Aim of the exercise
An exact transcription of the records is required, minus any images.
===============
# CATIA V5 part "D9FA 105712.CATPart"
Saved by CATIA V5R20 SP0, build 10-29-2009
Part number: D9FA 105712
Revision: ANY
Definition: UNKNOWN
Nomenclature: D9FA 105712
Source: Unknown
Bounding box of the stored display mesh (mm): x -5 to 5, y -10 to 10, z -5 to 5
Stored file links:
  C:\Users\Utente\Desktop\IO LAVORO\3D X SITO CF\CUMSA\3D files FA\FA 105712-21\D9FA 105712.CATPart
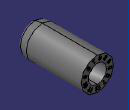
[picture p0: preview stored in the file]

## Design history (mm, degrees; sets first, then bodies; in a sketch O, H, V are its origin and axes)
Set1 "FacciaKO#NONE#6198"
  DatumSurface1 "Sup6198_1"
  DatumCurve1 "Crv6198_1"
Body1 "Cortar-Extruir5" (main body)
  Solid1: solid without history
===============
Task answer
# CATIA V5 part "D9FA 105712.CATPart"
Saved by CATIA V5R20 SP0, build 10-29-2009
Part number: D9FA 105712
Revision: ANY
Definition: UNKNOWN
Nomenclature: D9FA 105712
Source: Unknown
Bounding box of the stored display mesh (mm): x -5 to 5, y -10 to 10, z -5 to 5
Stored file links:
  C:\Users\Utente\Desktop\IO LAVORO\3D X SITO CF\CUMSA\3D files FA\FA 105712-21\D9FA 105712.CATPart
[picture p0: preview stored in the file]

## Design history (mm, degrees; sets first, then bodies; in a sketch O, H, V are its origin and axes)
Set1 "FacciaKO#NONE#6198"
  DatumSurface1 "Sup6198_1"
  DatumCurve1 "Crv6198_1"
Body1 "Cortar-Extruir5" (main body)
  Solid1: solid without history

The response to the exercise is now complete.